BAĞ BOZUMU
12 Eylül 2022, Pazartesi 10:09Eylül ayı bağ bozumu demekti.
Kova kova üzümler kamıştan örülmüş hasır üzerine yığılır,
Yumuşak taştan oyulmuş soku denilen havuza 5-8 kova dökülür.
Çıplak ayakla çiğnendikçe tabandaki delikten kazan içine biriken şıra dinlendirilir,
Gecenin ayazını yedikten sonra tas tas içildi mi,
İnsanın yüzüne kan gelirdi.
Pekmez leğeninde kaynatılan şıra koyulaşır pekmez olurdu.

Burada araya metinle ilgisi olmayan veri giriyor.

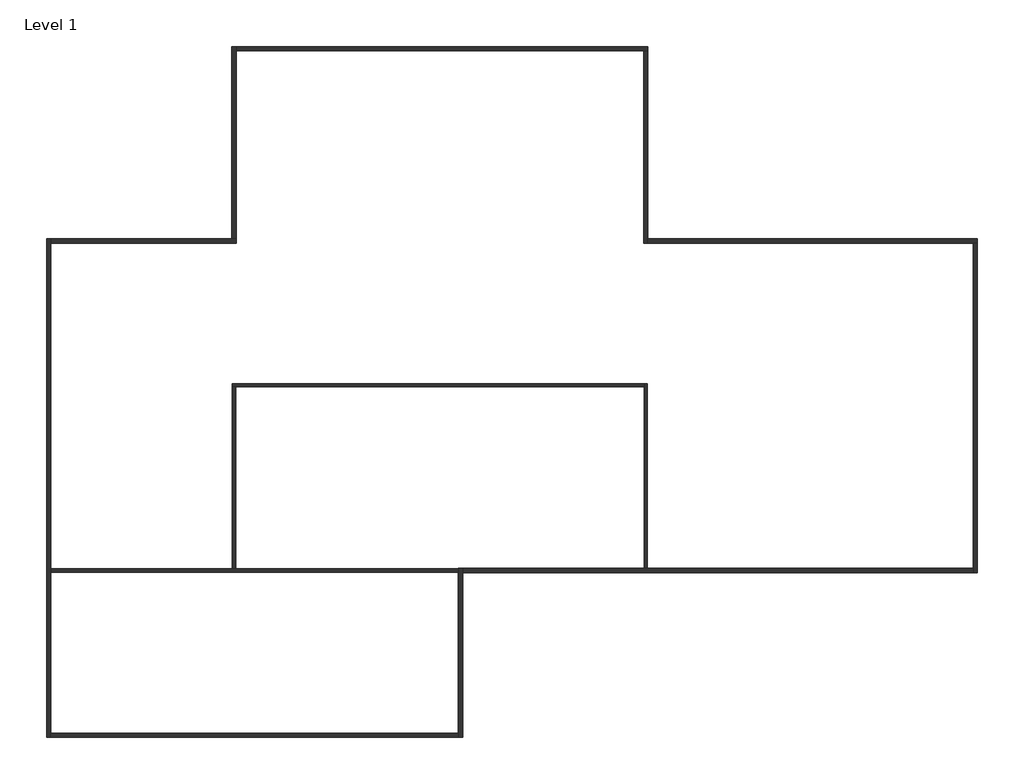
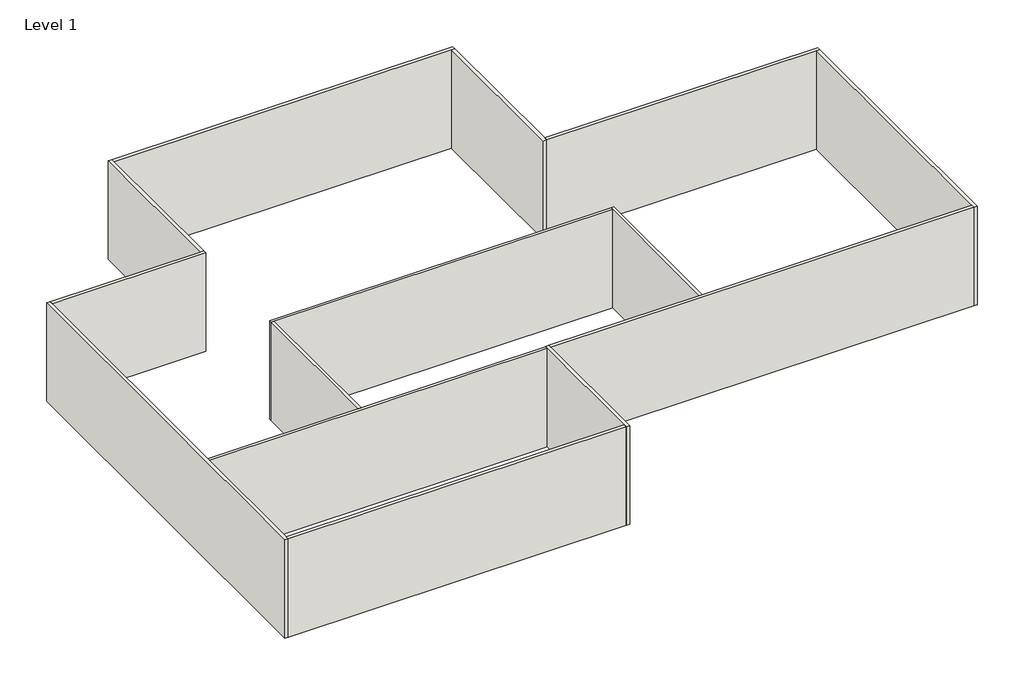
# One storey: 14 walls.
"""IFC4 building model written with IfcOpenShell, lengths in millimetres."""

from ifc_helpers import new_model, si_unit, origin, origin_with_axes, place, context, project, spatial, polyline, outline, extrude, faceted_brep, element, save

model = new_model("IFC4")

# Units and contexts
model_context = context("Model", 3, world=origin())
ifc_project = project(units=[si_unit("LENGTHUNIT", "METRE", prefix="MILLI")], contexts=[model_context])

# Site, building, storey
site = spatial("IfcSite", under=ifc_project)
building = spatial("IfcBuilding", under=site)
storey = spatial("IfcBuildingStorey", under=building, Name="Level 1", Elevation=0.0)

# Walls
placement = place(None, origin())
element("IfcWall", 1, ObjectType="Generic - 6\"", at=placement, inside=storey, context=model_context, shape_type="Brep", body=[
    faceted_brep([(6224.5657117, -9986.2030035, 0.0), (6224.5657117, -1011.6030035, 0.0), (6224.5657117, -1011.6030035, 6096.0), (6224.5657117, -9986.2030035, 6096.0), (6072.1657117, -9986.2030035, 0.0), (6072.1657117, -9986.2030035, 6096.0), (6072.1657117, -1164.0030035, 6096.0), (6072.1657117, -1011.6030035, 6096.0), (6072.1657117, -1011.6030035, 0.0), (6072.1657117, -1164.0030035, 0.0)], [[[0, 1, 2, 3]], [[4, 5, 6, 7, 8, 9]], [[1, 0, 4, 9, 8]], [[3, 2, 7, 6, 5]], [[0, 3, 5, 4]], [[2, 1, 8, 7]]]),
])
element("IfcWall", 2, ObjectType="Generic - 6\"", at=placement, inside=storey, context=model_context, shape_type="Brep", body=[
    faceted_brep([(6072.1657117, -1011.6030035, 0.0), (-13927.8342883, -1011.6030035, 0.0), (-13927.8342883, -1011.6030035, 6096.0), (6072.1657117, -1011.6030035, 6096.0), (6072.1657117, -1164.0030035, 0.0), (6072.1657117, -1164.0030035, 6096.0), (-13775.4342883, -1164.0030035, 6096.0), (-13927.8342883, -1164.0030035, 6096.0), (-13927.8342883, -1164.0030035, 0.0), (-13775.4342883, -1164.0030035, 0.0)], [[[0, 1, 2, 3]], [[4, 5, 6, 7, 8, 9]], [[1, 0, 4, 9, 8]], [[3, 2, 7, 6, 5]], [[0, 3, 5, 4]], [[2, 1, 8, 7]]]),
])
element("IfcWall", 3, ObjectType="Generic - 6\"", at=placement, inside=storey, context=model_context, shape_type="SweptSolid", body=[
    extrude(outline(polyline([(-13927.8342883, -10011.6030035), (-13927.8342883, -1164.0030035), (-13775.4342883, -1164.0030035), (-13775.4342883, -10011.6030035), (-13927.8342883, -10011.6030035)])), origin_with_axes(), (0.0, 0.0, 1.0), 6096.0),
])
element("IfcWall", 4, ObjectType="Generic - 6\"", at=placement, inside=storey, context=model_context, shape_type="Brep", body=[
    faceted_brep([(-2953.2342883, -10011.6030035, 0.0), (-13775.4342883, -10011.6030035, 0.0), (-13927.8342883, -10011.6030035, 0.0), (-22750.0342883, -10011.6030035, 0.0), (-22750.0342883, -10011.6030035, 6096.0), (-13927.8342883, -10011.6030035, 6096.0), (-13775.4342883, -10011.6030035, 6096.0), (-2953.2342883, -10011.6030035, 6096.0), (-2953.2342883, -10164.0030035, 0.0), (-2953.2342883, -10164.0030035, 6096.0), (-22750.0342883, -10164.0030035, 6096.0), (-22750.0342883, -10164.0030035, 0.0)], [[[0, 1, 2, 3, 4, 5, 6, 7]], [[8, 9, 10, 11]], [[3, 2, 1, 0, 8, 11]], [[7, 6, 5, 4, 10, 9]], [[4, 3, 11, 10]], [[0, 7, 9, 8]]]),
])
element("IfcWall", 5, ObjectType="Generic - 8\"", at=placement, inside=storey, context=model_context, shape_type="Brep", body=[
    faceted_brep([(-22750.0342883, -18189.4030035, 0.0), (-22750.0342883, -17986.2030035, 0.0), (-22750.0342883, -10164.0030035, 0.0), (-22750.0342883, -10011.6030035, 0.0), (-22750.0342883, 5810.5969965, 0.0), (-22750.0342883, 6013.7969965, 0.0), (-22750.0342883, 6013.7969965, 6096.0), (-22750.0342883, 5810.5969965, 6096.0), (-22750.0342883, -10011.6030035, 6096.0), (-22750.0342883, -10164.0030035, 6096.0), (-22750.0342883, -17986.2030035, 6096.0), (-22750.0342883, -18189.4030035, 6096.0), (-22953.2342883, -18189.4030035, 0.0), (-22953.2342883, -18189.4030035, 6096.0), (-22953.2342883, 6013.7969965, 6096.0), (-22953.2342883, 6013.7969965, 0.0)], [[[0, 1, 2, 3, 4, 5, 6, 7, 8, 9, 10, 11]], [[12, 13, 14, 15]], [[5, 4, 3, 2, 1, 0, 12, 15]], [[11, 10, 9, 8, 7, 6, 14, 13]], [[6, 5, 15, 14]], [[0, 11, 13, 12]]]),
])
element("IfcWall", 6, ObjectType="Generic - 8\"", at=placement, inside=storey, context=model_context, shape_type="Brep", body=[
    faceted_brep([(-22750.0342883, 5810.5969965, 0.0), (-13750.0342883, 5810.5969965, 0.0), (-13750.0342883, 5810.5969965, 6096.0), (-22750.0342883, 5810.5969965, 6096.0), (-22750.0342883, 6013.7969965, 0.0), (-22750.0342883, 6013.7969965, 6096.0), (-13953.2342883, 6013.7969965, 6096.0), (-13750.0342883, 6013.7969965, 6096.0), (-13750.0342883, 6013.7969965, 0.0), (-13953.2342883, 6013.7969965, 0.0)], [[[0, 1, 2, 3]], [[4, 5, 6, 7, 8, 9]], [[1, 0, 4, 9, 8]], [[3, 2, 7, 6, 5]], [[0, 3, 5, 4]], [[2, 1, 8, 7]]]),
])
element("IfcWall", 7, ObjectType="Generic - 8\"", at=placement, inside=storey, context=model_context, shape_type="Brep", body=[
    faceted_brep([(-13750.0342883, 6013.7969965, 0.0), (-13750.0342883, 15150.4244043, 0.0), (-13750.0342883, 15353.6244043, 0.0), (-13750.0342883, 15353.6244043, 6096.0), (-13750.0342883, 15150.4244043, 6096.0), (-13750.0342883, 6013.7969965, 6096.0), (-13953.2342883, 6013.7969965, 0.0), (-13953.2342883, 6013.7969965, 6096.0), (-13953.2342883, 15353.6244043, 6096.0), (-13953.2342883, 15353.6244043, 0.0)], [[[0, 1, 2, 3, 4, 5]], [[6, 7, 8, 9]], [[2, 1, 0, 6, 9]], [[5, 4, 3, 8, 7]], [[0, 5, 7, 6]], [[3, 2, 9, 8]]]),
])
element("IfcWall", 8, ObjectType="Generic - 8\"", at=placement, inside=storey, context=model_context, shape_type="Brep", body=[
    faceted_brep([(-13750.0342883, 15150.4244043, 0.0), (6046.7657117, 15150.4244043, 0.0), (6249.9657117, 15150.4244043, 0.0), (6249.9657117, 15150.4244043, 6096.0), (6046.7657117, 15150.4244043, 6096.0), (-13750.0342883, 15150.4244043, 6096.0), (-13750.0342883, 15353.6244043, 0.0), (-13750.0342883, 15353.6244043, 6096.0), (6249.9657117, 15353.6244043, 6096.0), (6249.9657117, 15353.6244043, 0.0)], [[[0, 1, 2, 3, 4, 5]], [[6, 7, 8, 9]], [[2, 1, 0, 6, 9]], [[5, 4, 3, 8, 7]], [[0, 5, 7, 6]], [[3, 2, 9, 8]]]),
])
element("IfcWall", 9, ObjectType="Generic - 8\"", at=placement, inside=storey, context=model_context, shape_type="Brep", body=[
    faceted_brep([(6046.7657117, 15150.4244043, 0.0), (6046.7657117, 5810.5969965, 0.0), (6046.7657117, 5810.5969965, 6096.0), (6046.7657117, 15150.4244043, 6096.0), (6249.9657117, 15150.4244043, 0.0), (6249.9657117, 15150.4244043, 6096.0), (6249.9657117, 6013.7969965, 6096.0), (6249.9657117, 5810.5969965, 6096.0), (6249.9657117, 5810.5969965, 0.0), (6249.9657117, 6013.7969965, 0.0)], [[[0, 1, 2, 3]], [[4, 5, 6, 7, 8, 9]], [[1, 0, 4, 9, 8]], [[3, 2, 7, 6, 5]], [[0, 3, 5, 4]], [[2, 1, 8, 7]]]),
])
element("IfcWall", 10, ObjectType="Generic - 8\"", at=placement, inside=storey, context=model_context, shape_type="Brep", body=[
    faceted_brep([(6249.9657117, 5810.5969965, 0.0), (22046.7657117, 5810.5969965, 0.0), (22249.9657117, 5810.5969965, 0.0), (22249.9657117, 5810.5969965, 6096.0), (22046.7657117, 5810.5969965, 6096.0), (6249.9657117, 5810.5969965, 6096.0), (6249.9657117, 6013.7969965, 0.0), (6249.9657117, 6013.7969965, 6096.0), (22249.9657117, 6013.7969965, 6096.0), (22249.9657117, 6013.7969965, 0.0)], [[[0, 1, 2, 3, 4, 5]], [[6, 7, 8, 9]], [[2, 1, 0, 6, 9]], [[5, 4, 3, 8, 7]], [[0, 5, 7, 6]], [[3, 2, 9, 8]]]),
])
element("IfcWall", 11, ObjectType="Generic - 8\"", at=placement, inside=storey, context=model_context, shape_type="Brep", body=[
    faceted_brep([(22046.7657117, 5810.5969965, 0.0), (22046.7657117, -9986.2030035, 0.0), (22046.7657117, -10189.4030035, 0.0), (22046.7657117, -10189.4030035, 6096.0), (22046.7657117, -9986.2030035, 6096.0), (22046.7657117, 5810.5969965, 6096.0), (22249.9657117, 5810.5969965, 0.0), (22249.9657117, 5810.5969965, 6096.0), (22249.9657117, -10189.4030035, 6096.0), (22249.9657117, -10189.4030035, 0.0)], [[[0, 1, 2, 3, 4, 5]], [[6, 7, 8, 9]], [[2, 1, 0, 6, 9]], [[5, 4, 3, 8, 7]], [[0, 5, 7, 6]], [[3, 2, 9, 8]]]),
])
element("IfcWall", 12, ObjectType="Generic - 8\"", at=placement, inside=storey, context=model_context, shape_type="Brep", body=[
    faceted_brep([(22046.7657117, -9986.2030035, 0.0), (6224.5657117, -9986.2030035, 0.0), (6072.1657117, -9986.2030035, 0.0), (-2750.0342883, -9986.2030035, 0.0), (-2750.0342883, -9986.2030035, 6096.0), (6072.1657117, -9986.2030035, 6096.0), (6224.5657117, -9986.2030035, 6096.0), (22046.7657117, -9986.2030035, 6096.0), (22046.7657117, -10189.4030035, 0.0), (22046.7657117, -10189.4030035, 6096.0), (-2750.0342883, -10189.4030035, 6096.0), (-2750.0342883, -10189.4030035, 0.0)], [[[0, 1, 2, 3, 4, 5, 6, 7]], [[8, 9, 10, 11]], [[3, 2, 1, 0, 8, 11]], [[7, 6, 5, 4, 10, 9]], [[0, 7, 9, 8]], [[4, 3, 11, 10]]]),
])
element("IfcWall", 13, ObjectType="Generic - 8\"", at=placement, inside=storey, context=model_context, shape_type="Brep", body=[
    faceted_brep([(-2953.2342883, -9986.2030035, 0.0), (-2953.2342883, -10011.6030035, 0.0), (-2953.2342883, -10164.0030035, 0.0), (-2953.2342883, -17986.2030035, 0.0), (-2953.2342883, -18189.4030035, 0.0), (-2953.2342883, -18189.4030035, 6096.0), (-2953.2342883, -17986.2030035, 6096.0), (-2953.2342883, -10164.0030035, 6096.0), (-2953.2342883, -10011.6030035, 6096.0), (-2953.2342883, -9986.2030035, 6096.0), (-2750.0342883, -9986.2030035, 0.0), (-2750.0342883, -9986.2030035, 6096.0), (-2750.0342883, -10189.4030035, 6096.0), (-2750.0342883, -18189.4030035, 6096.0), (-2750.0342883, -18189.4030035, 0.0), (-2750.0342883, -10189.4030035, 0.0)], [[[0, 1, 2, 3, 4, 5, 6, 7, 8, 9]], [[10, 11, 12, 13, 14, 15]], [[4, 3, 2, 1, 0, 10, 15, 14]], [[9, 8, 7, 6, 5, 13, 12, 11]], [[5, 4, 14, 13]], [[0, 9, 11, 10]]]),
])
element("IfcWall", 14, ObjectType="Generic - 8\"", at=placement, inside=storey, context=model_context, shape_type="SweptSolid", body=[
    extrude(outline(polyline([(-22750.0342883, -17986.2030035), (-2953.2342883, -17986.2030035), (-2953.2342883, -18189.4030035), (-22750.0342883, -18189.4030035), (-22750.0342883, -17986.2030035)])), origin_with_axes(), (0.0, 0.0, 1.0), 6096.0),
])

save(model, "model.ifc")

# Revit data of these elements
# Project information
#   Project Issue Date = "Issue Date"
#   Project Status = "Project Status"
#   Client Name = "Owner"
#   Project Address = "Enter address here"
#   Project Name = "Project Name"
#   Project Number = "Project Number"
# Type "Generic - 6\""
#   Assembly Code = "B2010"
#   Layers, outside or top first: 0.1524 m no material (function 1)
# Type "Generic - 8\""
#   Assembly Code = "B2010"
#   Layers, outside or top first: 0.2032 m no material (function 1)
# Elements 1, 2, 3, 4 (IfcWall, "Generic - 6\"")
#   Top Offset = 0 m
#   Base Offset = 0 m
#   Unconnected Height = 6.096 m
#   wall height = 6.096 m
#   Phase Created = New Construction
#   Base Constraint = Level 1
#   Materials on its faces: "Default Wall"
# Elements 5, 6, 7, 8, 9, 10, 11, 12, 13, 14 (IfcWall, "Generic - 8\"")
#   Top Offset = 0 m
#   Base Offset = 0 m
#   Unconnected Height = 6.096 m
#   wall height = 6.096 m
#   Phase Created = New Construction
#   Base Constraint = Level 1
#   Materials on its faces: "Default Wall"
# Materials
#   "Default Wall": class "Miscellaneous", colour RGB 128 128 128, transparency 0, Cost = 0
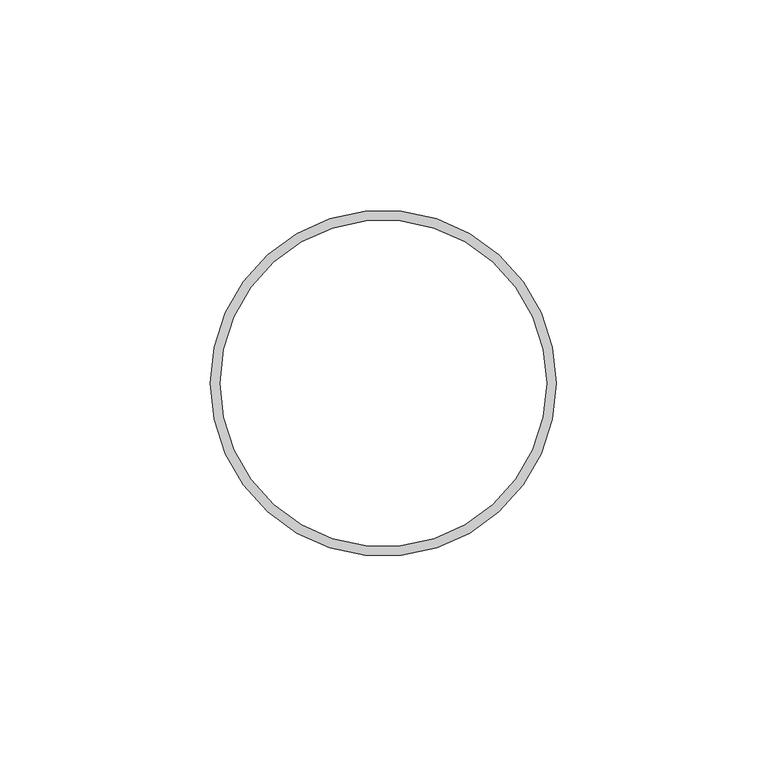
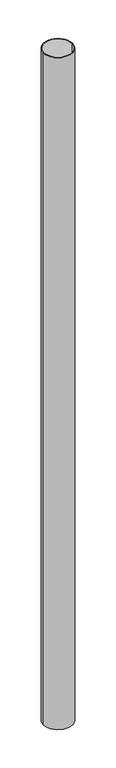
"""IFC4 building model written with IfcOpenShell, lengths in millimetres: proxy geometry, TN_ПВС 125-82_Водосточная труба : TN_ПВС 125-82_Водосточная труба."""

from ifc_helpers import new_model, si_unit, point, origin, origin_with_axes, origin_2d, place, context, project, spatial, circle_curve, trimmed, segment, composite_curve, outline, extrude, source, transform, mapped, element, save


def generic_models_a5ae73a3(model_context):
    return source(origin(), model_context, "Body", "SweptSolid", [
        extrude(outline(composite_curve([segment(trimmed(circle_curve(origin_2d(), 41.1), [point((-41.1, 0.0))], [point((41.1, 0.0))], False, "CARTESIAN"), True, "CONTINUOUS"), segment(trimmed(circle_curve(origin_2d(), 41.1), [point((41.1, 0.0))], [point((-41.1, 0.0))], False, "CARTESIAN"), True, "CONTINUOUS")], self_intersect=False), holes=[composite_curve([segment(trimmed(circle_curve(origin_2d(), 38.8), [point((-38.8, 0.0))], [point((38.8, 0.0))], True, "CARTESIAN"), True, "CONTINUOUS"), segment(trimmed(circle_curve(origin_2d(), 38.8), [point((38.8, 0.0))], [point((-38.8, 0.0))], True, "CARTESIAN"), True, "CONTINUOUS")], self_intersect=False)]), origin_with_axes(), (0.0, 0.0, 1.0), 2000.0),
    ])


if __name__ == "__main__":
    model = new_model("IFC4")
    model_context = context("Model", 3, world=origin())
    ifc_project = project(units=[si_unit("LENGTHUNIT", "METRE", prefix="MILLI")], contexts=[model_context])
    site = spatial("IfcSite", under=ifc_project)
    building = spatial("IfcBuilding", under=site)
    placement = place(None, origin())
    generic_models_shape = generic_models_a5ae73a3(model_context)
    element("IfcBuildingElementProxy", 1, Name="TN_ПВС 125-82_Водосточная труба : TN_ПВС 125-82_Водосточная труба", ObjectType="TN_ПВС 125-82_Водосточная труба : TN_ПВС 125-82_Водосточная труба", at=placement, inside=building, context=model_context, shape_type="MappedRepresentation", body=[
        mapped(generic_models_shape, transform((0.0, 0.0, 0.0), x_axis=(1.0, 0.0, 0.0), y_axis=(0.0, 1.0, 0.0), z_axis=(0.0, 0.0, 1.0))),
    ])
    save(model, "model.ifc")

# Revit data of these elements
# Type "TN_ПВС 125-82_Водосточная труба : TN_ПВС 125-82_Водосточная труба"
#   Description = "Организует вертикальный сток дождевой воды"
#   Manufacturer = "ТехноНИКОЛЬ"
#   Model = "Комплектующие к водосточным системам"
#   URL = "https://tn-vodostok.ru/catalog/pvh/"
#   ADSK_Обозначение = "ТехноНИКОЛЬ"
#   ADSK_Наименование краткое = "Труба"
#   ADSK_Наименование = "Водосточная труба"
#   ADSK_Масса_Текст = ""
#   ADSK_Марка = ""
#   ADSK_Код изделия = ""
#   ADSK_Завод-изготовитель = "ТехноНИКОЛЬ"
#   ADSK_Единица измерения = "п.м."
#   ADSK_Группирование = "Комплектующие к водосточным системам"
#   ADSK_URL страницы изделия = "https://tn-vodostok.ru/catalog/pvh/"
#   ADSK_URL документации изделия = "https://tn-vodostok.ru/upload/iblock/c42/c427963cb77eb5c3c51f0cfb870e9e52.pdf"
#   ADSK_Размер_Диаметр = 82.2 mm
#   ADSK_Размер_Высота [instance default] = 500 mm
#   ADSK_Количество [instance default] = 0.5
#   ADSK_Материал [instance default] = TN_Пластик_Коричневый_RAL8019
#   Default Elevation = 0
# Element 1 (IfcBuildingElementProxy, "TN_ПВС 125-82_Водосточная труба : TN_ПВС 125-82_Водосточная труба")
#   ADSK_Размер_Высота = 2000 mm
#   ADSK_Количество = 2
#   Materials on its faces: "TN_Пластик_Коричневый_RAL8019"
# Materials
#   "TN_Пластик_Коричневый_RAL8019": class "Типовые", colour RGB 61 54 53, transparency 0, Cost = 0

Tandır denilen koskocaman ocakta kurumuş odun ve bağ kütükleri yakılır,
Yaramaz dal ve kökler tandır hiç sönmeden kırk sekiz saat yakılır şıra kaynadıkça koyulaşır.
Leğen içine iki dal da reyhan çiçeği attınız mı, hoşa giden kokusu ile iştahla yenirdi pekmez,
Bir de dilim dilim kabak, patlıcan, sarı erik, ayva atıldımı leğene,
Ağda olurdu.
Bunun da damak tadı başka idi.
Hani nerede o bağlar.
Kavak ormanları bile kaybolup gitti.
Ve yerlerine beton yığınları kondu.
İşte şehircilik ve nüfus artışı konut yapımını hızlandırdı.
Arsa para edince de bağ bostan kalmadı.
Bu dediklerim köy ve kasabalarımızda devam ediyor.
Pekmezin en iyisi Ozancık, Çatin, Yuva’dan geliyor pazara.
Ve fakat o eskinin pekmez yeme alışkanlıkları pek kalmadı.
Bilhassa çocuklara pekmezden palürza yapılır, üzerine de dövülmüş ceviz ekildi mi mesir macunundan da besleyici olurdu.
Bizim evde ve her aile ocağında bir kış 50-60 kilo pekmez tüketilirdi.
İşte doğal beslenme pekmez gibi kendi ürettiğimiz ürünlerdi.
Hormon mormon icadı bilinmezdi.
Ve gene Eylül ayında Nevşehir ve Niğde köylüleri at arabaları ile Aksaray’a akın ederler,
Biber alıyok... Biber alıyok...
diye mahallelerde bahçe bahçe dolaşırlardı.
Fiat kesilir 300-500 kilo biberi alırlar turşu kurarlardı.
Sapsarı, etli, acımsı, keçi boynuzu gibi uzunca biberlerin nesli tükendi gitti.
Ekonomik kazanç uğruna, ne eskinin domatesini, salatalığını ve ne de ayşe kadın fasulyesinin defteri dürüldü.
Dört kendi biberi olan o yaz ve sonbahar sezonunda bir tona yakın biber satardı.
Ve biber parası ile bir yıllık ekmeklik buğdayını alır, kara değirmeninde un yapılır, çuvallara doldurulur, kilere direk direk dikilirdi.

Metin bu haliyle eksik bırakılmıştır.